▶ **WHAT THIS TASK INVOLVES**
Locate the line bearing "#1503=DIRECTION('',(0.035,0.996,0.087));" in the material below, then reproduce it and each following line up to and including the line bearing "#1951=CARTESIAN_POINT('',(-0.469,-0.964,2.996));".

---------- DATA TO USE ----------

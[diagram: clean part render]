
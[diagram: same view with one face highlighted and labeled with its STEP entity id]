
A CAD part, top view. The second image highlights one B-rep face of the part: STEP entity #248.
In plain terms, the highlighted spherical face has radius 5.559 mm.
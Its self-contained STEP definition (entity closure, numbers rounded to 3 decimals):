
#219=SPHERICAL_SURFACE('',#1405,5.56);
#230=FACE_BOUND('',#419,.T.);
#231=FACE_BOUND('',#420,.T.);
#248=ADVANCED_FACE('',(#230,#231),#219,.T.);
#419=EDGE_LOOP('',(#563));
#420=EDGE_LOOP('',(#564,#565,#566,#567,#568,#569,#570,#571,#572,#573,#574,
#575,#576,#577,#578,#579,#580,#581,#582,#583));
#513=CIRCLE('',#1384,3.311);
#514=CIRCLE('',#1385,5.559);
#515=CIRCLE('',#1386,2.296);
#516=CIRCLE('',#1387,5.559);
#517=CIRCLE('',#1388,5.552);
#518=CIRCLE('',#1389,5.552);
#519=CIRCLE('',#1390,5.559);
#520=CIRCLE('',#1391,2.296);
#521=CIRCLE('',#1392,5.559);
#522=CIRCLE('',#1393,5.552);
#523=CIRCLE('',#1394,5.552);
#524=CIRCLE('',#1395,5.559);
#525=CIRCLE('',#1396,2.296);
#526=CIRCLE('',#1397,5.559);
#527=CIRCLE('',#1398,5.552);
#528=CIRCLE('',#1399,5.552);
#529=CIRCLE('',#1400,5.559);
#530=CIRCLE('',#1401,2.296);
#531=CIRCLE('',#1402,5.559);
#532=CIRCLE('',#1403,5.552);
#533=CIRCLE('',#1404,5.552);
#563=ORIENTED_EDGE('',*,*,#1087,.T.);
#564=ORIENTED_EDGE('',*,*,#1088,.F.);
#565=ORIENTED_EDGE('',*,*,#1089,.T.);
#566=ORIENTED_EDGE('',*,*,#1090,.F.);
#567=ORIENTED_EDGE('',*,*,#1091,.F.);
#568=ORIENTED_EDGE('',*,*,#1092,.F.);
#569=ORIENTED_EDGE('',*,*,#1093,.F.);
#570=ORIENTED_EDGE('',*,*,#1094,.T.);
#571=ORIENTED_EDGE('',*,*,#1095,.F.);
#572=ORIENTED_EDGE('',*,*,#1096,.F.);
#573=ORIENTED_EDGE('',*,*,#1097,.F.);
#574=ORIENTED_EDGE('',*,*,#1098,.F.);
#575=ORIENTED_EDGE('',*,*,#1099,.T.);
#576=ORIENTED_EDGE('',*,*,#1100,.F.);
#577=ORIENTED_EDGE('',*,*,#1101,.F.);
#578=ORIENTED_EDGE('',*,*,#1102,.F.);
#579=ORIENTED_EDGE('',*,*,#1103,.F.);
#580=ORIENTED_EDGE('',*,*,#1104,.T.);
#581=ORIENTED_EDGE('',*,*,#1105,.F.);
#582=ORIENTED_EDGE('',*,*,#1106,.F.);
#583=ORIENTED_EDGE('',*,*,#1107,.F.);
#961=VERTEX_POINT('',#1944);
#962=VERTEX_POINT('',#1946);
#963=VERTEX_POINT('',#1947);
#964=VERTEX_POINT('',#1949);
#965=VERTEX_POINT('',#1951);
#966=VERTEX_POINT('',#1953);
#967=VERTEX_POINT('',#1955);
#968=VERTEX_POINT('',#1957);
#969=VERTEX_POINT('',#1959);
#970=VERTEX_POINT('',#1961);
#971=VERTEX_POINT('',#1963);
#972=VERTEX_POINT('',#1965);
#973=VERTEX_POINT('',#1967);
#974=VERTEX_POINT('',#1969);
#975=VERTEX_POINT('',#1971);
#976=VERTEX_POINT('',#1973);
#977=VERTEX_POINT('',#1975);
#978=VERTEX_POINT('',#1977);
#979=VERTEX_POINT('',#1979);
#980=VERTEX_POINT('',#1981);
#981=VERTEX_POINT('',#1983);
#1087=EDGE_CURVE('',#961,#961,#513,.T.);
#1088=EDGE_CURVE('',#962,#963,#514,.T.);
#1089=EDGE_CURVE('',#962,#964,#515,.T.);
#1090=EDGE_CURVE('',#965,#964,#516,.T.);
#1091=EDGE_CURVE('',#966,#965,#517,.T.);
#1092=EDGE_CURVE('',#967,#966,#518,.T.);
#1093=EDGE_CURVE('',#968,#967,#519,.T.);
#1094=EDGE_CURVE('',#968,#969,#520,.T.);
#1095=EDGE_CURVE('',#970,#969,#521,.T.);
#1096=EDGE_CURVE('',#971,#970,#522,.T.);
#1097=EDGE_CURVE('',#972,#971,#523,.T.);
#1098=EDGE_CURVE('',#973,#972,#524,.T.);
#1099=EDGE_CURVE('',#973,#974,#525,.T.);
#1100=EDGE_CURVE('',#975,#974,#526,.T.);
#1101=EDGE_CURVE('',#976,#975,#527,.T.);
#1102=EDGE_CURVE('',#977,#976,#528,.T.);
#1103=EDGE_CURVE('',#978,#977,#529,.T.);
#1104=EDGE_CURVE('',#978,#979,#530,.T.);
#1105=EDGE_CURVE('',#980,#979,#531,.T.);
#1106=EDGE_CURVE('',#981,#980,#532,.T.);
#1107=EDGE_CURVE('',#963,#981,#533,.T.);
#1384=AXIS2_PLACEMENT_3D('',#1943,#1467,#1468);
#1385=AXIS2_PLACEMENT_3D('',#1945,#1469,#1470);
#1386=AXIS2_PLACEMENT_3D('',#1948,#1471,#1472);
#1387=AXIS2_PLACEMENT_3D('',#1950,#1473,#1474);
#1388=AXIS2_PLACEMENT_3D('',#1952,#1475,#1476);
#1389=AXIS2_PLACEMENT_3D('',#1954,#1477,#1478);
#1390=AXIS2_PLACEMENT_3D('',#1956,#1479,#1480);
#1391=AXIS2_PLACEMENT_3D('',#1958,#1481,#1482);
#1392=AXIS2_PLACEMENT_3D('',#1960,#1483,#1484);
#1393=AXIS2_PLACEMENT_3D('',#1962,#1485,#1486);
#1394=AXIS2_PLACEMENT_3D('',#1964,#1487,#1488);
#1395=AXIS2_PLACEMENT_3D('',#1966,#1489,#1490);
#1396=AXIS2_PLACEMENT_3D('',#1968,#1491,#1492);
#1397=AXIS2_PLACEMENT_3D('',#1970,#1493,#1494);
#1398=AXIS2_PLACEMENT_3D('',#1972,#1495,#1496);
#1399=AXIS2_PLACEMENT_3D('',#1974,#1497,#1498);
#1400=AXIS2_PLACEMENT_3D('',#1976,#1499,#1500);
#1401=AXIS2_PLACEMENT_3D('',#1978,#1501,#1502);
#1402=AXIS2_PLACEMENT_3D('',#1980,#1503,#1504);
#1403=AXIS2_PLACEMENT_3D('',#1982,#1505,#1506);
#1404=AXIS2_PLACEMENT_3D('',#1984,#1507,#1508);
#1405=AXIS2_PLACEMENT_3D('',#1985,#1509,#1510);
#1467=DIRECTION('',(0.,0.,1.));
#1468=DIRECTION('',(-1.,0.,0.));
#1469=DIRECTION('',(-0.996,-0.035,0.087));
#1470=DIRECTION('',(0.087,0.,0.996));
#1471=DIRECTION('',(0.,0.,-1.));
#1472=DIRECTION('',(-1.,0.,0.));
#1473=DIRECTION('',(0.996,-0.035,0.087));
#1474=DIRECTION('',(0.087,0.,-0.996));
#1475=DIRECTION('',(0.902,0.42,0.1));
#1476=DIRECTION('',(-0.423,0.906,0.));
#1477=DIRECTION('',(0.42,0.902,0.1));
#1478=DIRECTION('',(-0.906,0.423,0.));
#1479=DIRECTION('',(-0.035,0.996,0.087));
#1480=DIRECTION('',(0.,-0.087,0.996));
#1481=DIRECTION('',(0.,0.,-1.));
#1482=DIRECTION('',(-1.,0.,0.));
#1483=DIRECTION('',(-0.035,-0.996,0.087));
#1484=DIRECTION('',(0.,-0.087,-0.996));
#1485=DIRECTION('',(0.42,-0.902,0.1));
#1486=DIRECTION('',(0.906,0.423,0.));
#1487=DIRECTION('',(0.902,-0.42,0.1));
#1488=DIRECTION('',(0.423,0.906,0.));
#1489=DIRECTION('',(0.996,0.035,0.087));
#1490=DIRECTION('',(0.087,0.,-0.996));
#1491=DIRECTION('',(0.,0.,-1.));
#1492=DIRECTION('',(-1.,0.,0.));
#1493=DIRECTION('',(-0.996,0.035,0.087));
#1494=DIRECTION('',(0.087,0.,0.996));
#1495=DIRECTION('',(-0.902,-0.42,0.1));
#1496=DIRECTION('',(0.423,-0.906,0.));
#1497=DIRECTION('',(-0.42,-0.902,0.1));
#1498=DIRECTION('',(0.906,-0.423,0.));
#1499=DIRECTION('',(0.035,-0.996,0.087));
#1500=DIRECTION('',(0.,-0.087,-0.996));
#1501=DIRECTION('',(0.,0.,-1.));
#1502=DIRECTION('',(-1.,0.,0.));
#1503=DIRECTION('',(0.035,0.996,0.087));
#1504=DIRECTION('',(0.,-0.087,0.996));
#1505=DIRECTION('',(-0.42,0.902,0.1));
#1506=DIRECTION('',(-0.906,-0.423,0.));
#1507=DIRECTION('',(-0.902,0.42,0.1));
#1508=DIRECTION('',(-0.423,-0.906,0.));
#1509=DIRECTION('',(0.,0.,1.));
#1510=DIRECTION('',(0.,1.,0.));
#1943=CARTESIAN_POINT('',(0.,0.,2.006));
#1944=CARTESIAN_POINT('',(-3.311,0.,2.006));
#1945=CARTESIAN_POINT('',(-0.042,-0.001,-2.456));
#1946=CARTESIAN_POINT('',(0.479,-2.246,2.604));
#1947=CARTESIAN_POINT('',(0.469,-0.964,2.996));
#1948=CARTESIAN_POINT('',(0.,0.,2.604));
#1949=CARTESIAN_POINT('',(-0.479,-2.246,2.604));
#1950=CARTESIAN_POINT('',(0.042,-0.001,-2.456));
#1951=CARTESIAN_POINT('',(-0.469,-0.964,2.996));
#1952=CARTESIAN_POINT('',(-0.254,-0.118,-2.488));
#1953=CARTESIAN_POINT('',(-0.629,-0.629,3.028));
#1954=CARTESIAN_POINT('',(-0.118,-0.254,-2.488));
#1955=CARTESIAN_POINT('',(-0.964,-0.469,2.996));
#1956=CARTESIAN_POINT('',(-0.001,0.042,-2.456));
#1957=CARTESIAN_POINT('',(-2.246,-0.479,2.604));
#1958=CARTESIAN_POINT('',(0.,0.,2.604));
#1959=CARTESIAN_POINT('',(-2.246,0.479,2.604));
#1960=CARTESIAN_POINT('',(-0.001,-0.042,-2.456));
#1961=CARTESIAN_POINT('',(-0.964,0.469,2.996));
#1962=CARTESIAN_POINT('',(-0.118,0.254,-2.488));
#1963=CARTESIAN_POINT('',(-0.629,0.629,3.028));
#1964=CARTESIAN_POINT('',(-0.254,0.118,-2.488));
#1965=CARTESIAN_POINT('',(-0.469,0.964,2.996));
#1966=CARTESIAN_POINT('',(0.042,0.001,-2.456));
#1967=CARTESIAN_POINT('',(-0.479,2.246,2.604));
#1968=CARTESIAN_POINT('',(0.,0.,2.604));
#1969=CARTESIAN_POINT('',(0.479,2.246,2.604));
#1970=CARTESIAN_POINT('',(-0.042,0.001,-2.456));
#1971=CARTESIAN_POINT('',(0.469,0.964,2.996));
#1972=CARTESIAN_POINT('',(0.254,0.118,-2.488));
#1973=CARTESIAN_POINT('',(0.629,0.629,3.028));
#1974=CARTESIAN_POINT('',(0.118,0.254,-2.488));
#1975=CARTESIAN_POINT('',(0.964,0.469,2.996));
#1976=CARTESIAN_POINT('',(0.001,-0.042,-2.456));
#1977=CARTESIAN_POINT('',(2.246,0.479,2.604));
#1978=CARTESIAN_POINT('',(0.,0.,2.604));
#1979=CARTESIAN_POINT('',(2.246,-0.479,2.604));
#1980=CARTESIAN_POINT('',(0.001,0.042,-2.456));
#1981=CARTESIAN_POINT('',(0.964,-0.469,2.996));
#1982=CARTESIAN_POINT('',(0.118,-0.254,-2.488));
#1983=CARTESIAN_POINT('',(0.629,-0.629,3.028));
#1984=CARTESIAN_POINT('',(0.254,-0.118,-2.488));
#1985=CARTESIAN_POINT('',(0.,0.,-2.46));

----------

▶ **EXERCISE SOLUTION**
#1503=DIRECTION('',(0.035,0.996,0.087));
#1504=DIRECTION('',(0.,-0.087,0.996));
#1505=DIRECTION('',(-0.42,0.902,0.1));
#1506=DIRECTION('',(-0.906,-0.423,0.));
#1507=DIRECTION('',(-0.902,0.42,0.1));
#1508=DIRECTION('',(-0.423,-0.906,0.));
#1509=DIRECTION('',(0.,0.,1.));
#1510=DIRECTION('',(0.,1.,0.));
#1943=CARTESIAN_POINT('',(0.,0.,2.006));
#1944=CARTESIAN_POINT('',(-3.311,0.,2.006));
#1945=CARTESIAN_POINT('',(-0.042,-0.001,-2.456));
#1946=CARTESIAN_POINT('',(0.479,-2.246,2.604));
#1947=CARTESIAN_POINT('',(0.469,-0.964,2.996));
#1948=CARTESIAN_POINT('',(0.,0.,2.604));
#1949=CARTESIAN_POINT('',(-0.479,-2.246,2.604));
#1950=CARTESIAN_POINT('',(0.042,-0.001,-2.456));
#1951=CARTESIAN_POINT('',(-0.469,-0.964,2.996));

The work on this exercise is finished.